Characterization of mercuric mercury (Hg2+)-induced lymphoblasts from patients with mercury allergy and from healthy subjects

Abstract

Hg2+ induces lymphocyte proliferation when added to cell cultures from both healthy and mercury-allergic subjects. Consequently, when measuring DNA synthesis a possible Hg2+-specific response, resulting from proliferating memory cells, cannot be discriminated from a non-allergic response. The mechanism behind this non-allergic response is unknown but a superantigenic effect of Hg2+ has been suggested. In this study, five mercury-allergic patients, with oral lichen planus (OLP) lesions adjacent to dental amalgam and a positive patch test to Hg0, and five healthy subjects without amalgam were examined. The immunophenotype and the T cell receptor Vbeta (TCR Vbeta) repertoire of Hg2+-induced lymphoblasts as well as the expression of the lymphocyte activation markers CD23 and CD134 were analysed for possible differences between healthy and allergic subjects. The mechanism of Hg2+-induced proliferation was examined by comparing the TCR Vbeta expression of Hg- and staphylococcal enterotoxin B (SEB)-activated lymphoblasts, the latter used as a positive superantigen control. It was not possible to discriminate between mercury-allergic and healthy subjects using the immunophenotype or the TCR Vbeta profile of the Hg2+-induced lymphoblasts or the expression of CD23 and CD134. However, Hg2+-induced CD4+ lymphoblasts showed a skewing towards Vbeta2. This relative increase in Vbeta2 was only detected in the CD4+ but not in the CD8+ lymphoblast population.
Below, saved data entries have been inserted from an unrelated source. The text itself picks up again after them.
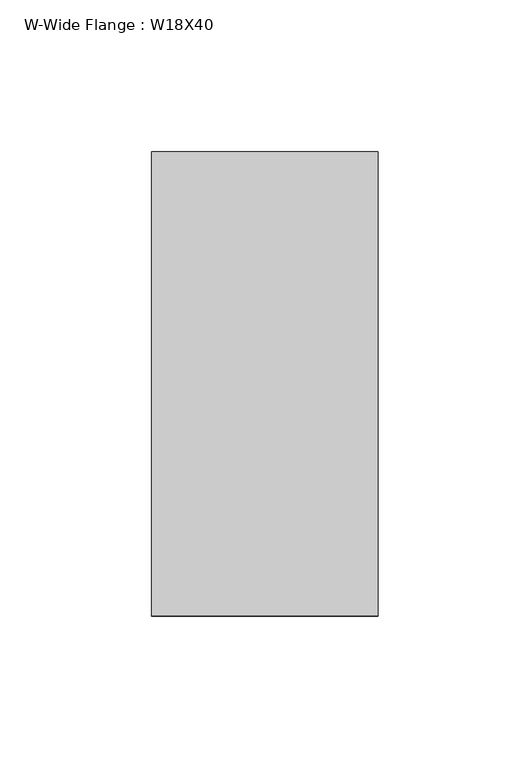
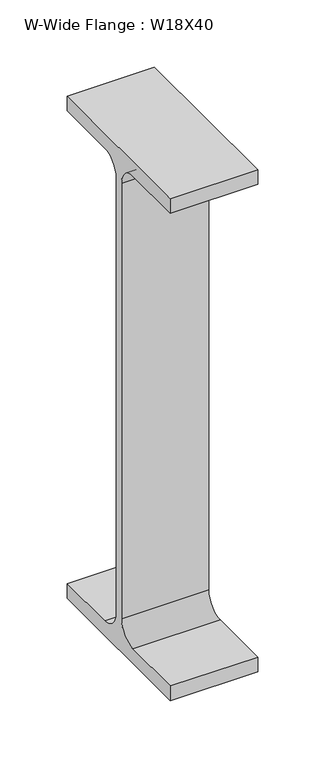
"""IFC4 building model written with IfcOpenShell, lengths in millimetres: beam geometry, W-Wide Flange : W18X40."""

from ifc_helpers import new_model, si_unit, point, frame, frame_2d, origin, place, context, project, spatial, polyline, circle_curve, trimmed, segment, composite_curve, outline, extrude, source, transform, mapped, element, save


def w_wide_flange_w18x40_776be871(model_context):
    return source(origin(), model_context, "Body", "SweptSolid", [
        extrude(outline(composite_curve([segment(polyline([(76.454, -213.995), (76.454, -227.33), (-76.454, -227.33), (-76.454, -213.995), (-20.828, -213.995)]), True, "CONTINUOUS"), segment(trimmed(circle_curve(frame_2d((-20.828, -197.1675)), 16.8275), [point((-20.828, -213.995))], [point((-4.0005, -197.1675))], True, "CARTESIAN"), True, "CONTINUOUS"), segment(polyline([(-4.0005, -197.1675), (-4.0005, 197.1675)]), True, "CONTINUOUS"), segment(trimmed(circle_curve(frame_2d((-20.828, 197.1675)), 16.8275), [point((-4.0005, 197.1675))], [point((-20.828, 213.995))], True, "CARTESIAN"), True, "CONTINUOUS"), segment(polyline([(-20.828, 213.995), (-76.454, 213.995), (-76.454, 227.33), (76.454, 227.33), (76.454, 213.995), (20.828, 213.995)]), True, "CONTINUOUS"), segment(trimmed(circle_curve(frame_2d((20.828, 197.1675)), 16.8275), [point((20.828, 213.995))], [point((4.0005, 197.1675))], True, "CARTESIAN"), True, "CONTINUOUS"), segment(polyline([(4.0005, 197.1675), (4.0005, -197.1675)]), True, "CONTINUOUS"), segment(trimmed(circle_curve(frame_2d((20.828, -197.1675)), 16.8275), [point((4.0005, -197.1675))], [point((20.828, -213.995))], True, "CARTESIAN"), True, "CONTINUOUS"), segment(polyline([(20.828, -213.995), (76.454, -213.995)]), True, "CONTINUOUS")], self_intersect=False)), frame((-68.2625, 0.0, 0.0), z_axis=(1.0, 0.0, 0.0), x_axis=(0.0, 1.0, 0.0)), (0.0, 0.0, 1.0), 74.6125),
    ])


if __name__ == "__main__":
    model = new_model("IFC4")
    model_context = context("Model", 3, world=origin())
    ifc_project = project(units=[si_unit("LENGTHUNIT", "METRE", prefix="MILLI")], contexts=[model_context])
    site = spatial("IfcSite", under=ifc_project)
    building = spatial("IfcBuilding", under=site)
    placement = place(None, origin())
    w_wide_flange_w18x40_shape = w_wide_flange_w18x40_776be871(model_context)
    element("IfcBeam", 1, ObjectType="W-Wide Flange : W18X40", at=placement, inside=building, context=model_context, shape_type="MappedRepresentation", body=[
        mapped(w_wide_flange_w18x40_shape, transform((0.0, 0.0, 0.0), x_axis=(1.0, 0.0, 0.0), y_axis=(0.0, 1.0, 0.0), z_axis=(0.0, 0.0, 1.0))),
    ])
    save(model, "model.ifc")

# Revit data of these elements
# Type "W-Wide Flange : W18X40"
#   Assembly Code = "B10"
#   W = 40
#   Length [instance default] = 5' - 0"
#   bf = 0' - 6.02"
#   d = 1' - 5.9"
#   k = 0' - 1 3/16"
#   k2 = 0' - 0.6625"
#   tf = 0' - 0.525"
#   tw = 0' - 0.315"
#   A = 0.0819444 SF
#   Structural Material [instance default] = Steel ASTM A992
# Element 1 (IfcBeam, "W-Wide Flange : W18X40")
#   Materials on its faces: "Steel ASTM A992"
# Materials
#   "Steel ASTM A992": class "Metal", colour RGB 199 199 199, transparency 0, Description = "Structural steel 50ksi", Cost = 0

In conclusion, Hg2+ induced a proliferation-dependent skewing towards CD4+ but not CD8+ lymphocytes expressing Vbeta2. In this respect Hg2+ differs from the classical bacterial superantigen SEB, which also stimulates unique TCR Vbeta families among CD8+ cells.

Fig. 1

Flow cytometric gating of cells treated for 5 days with 4 μ g/ml HgCl₂ using a forward scatter (size)/side scatter (granularity) plot. R1, Resting cells; R2, lymphoblasts. Approximately 6 × 10⁴ events (2 × 10⁴ lymphocytes) were collected from each sample.

Fig. 2

Mean fluorescence intensity (MFI) ± s.d. of indicated activation marker after 5 days in untreated-, staphylococcal enterotoxin B (SEB)-(10 ng/ml) or HgCl₂ (4 μ g/ml)-treated cultures. A significant increase in treated compared with untreated 5-day cultures is given as *P < 0·05; **P < 0·01; ***P < 0·001. ▪, Oral lichen planus (OLP) patients; □, healthy subjects. (a) CD23 expression on CD19⁺/CD20⁺ lymphocytes. (b) CD134 expression on CD4⁺ lymphocytes.

Fig. 3

Percentage T cell receptor (TCR) Vβ expression of Hg²⁺-treated lymphoblasts minus percentage TCR Vβ expression of resting lymphocytes in untreated cultures. •, Oral lichen planus (OLP) patients; ○, healthy subjects.

Fig. 4

Changes in T cell receptor (TCR) Vβ expression as an effect of 5 days stimulation with Hg²⁺ or staphylococcal enterotoxin B (SEB). The relative increase of the indicated Vβ families are given as percentage among the resting untreated lymphocytes compared with percentage among the lymphoblast population. ▪, Oral lichen planus (OLP) patients; ○, healthy subjects. (a) Percent Vβ3⁺, + Vβ12⁺, + Vβ14⁺, + Vβ17⁺, + Vβ20⁺ CD4⁺ and CD8⁺ lymphoblasts in SEB-treated cultures and corresponding spontaneous lymphoblasts in untreated cultures. (b) Percent Vβ2⁺ CD4⁺ and CD8⁺ lymphoblasts in Hg-treated cultures and corresponding spontaneous lymphoblasts in untreated cultures.

Fig. 5

T cell receptor (TCR) Vβ profiles of Hg²⁺-induced CD4⁺ blasts (▪) and CD8⁺ blasts (□) from two patients with oral lichen planus (OLP) and one healthy subject showing the highest proliferation intensities with Hg²⁺ obtained in this study. (a) Patient OLP 3. Stimulation index (SI) in Hg²⁺-exposed culture = 39 (65 853 ct/min). (b) Patient OLP 5. SI in Hg²⁺-exposed culture = 120 (65 608 ct/min). (c) Healthy subject AF 4. SI in Hg²⁺-exposed culture = 42 (52 175 ct/min).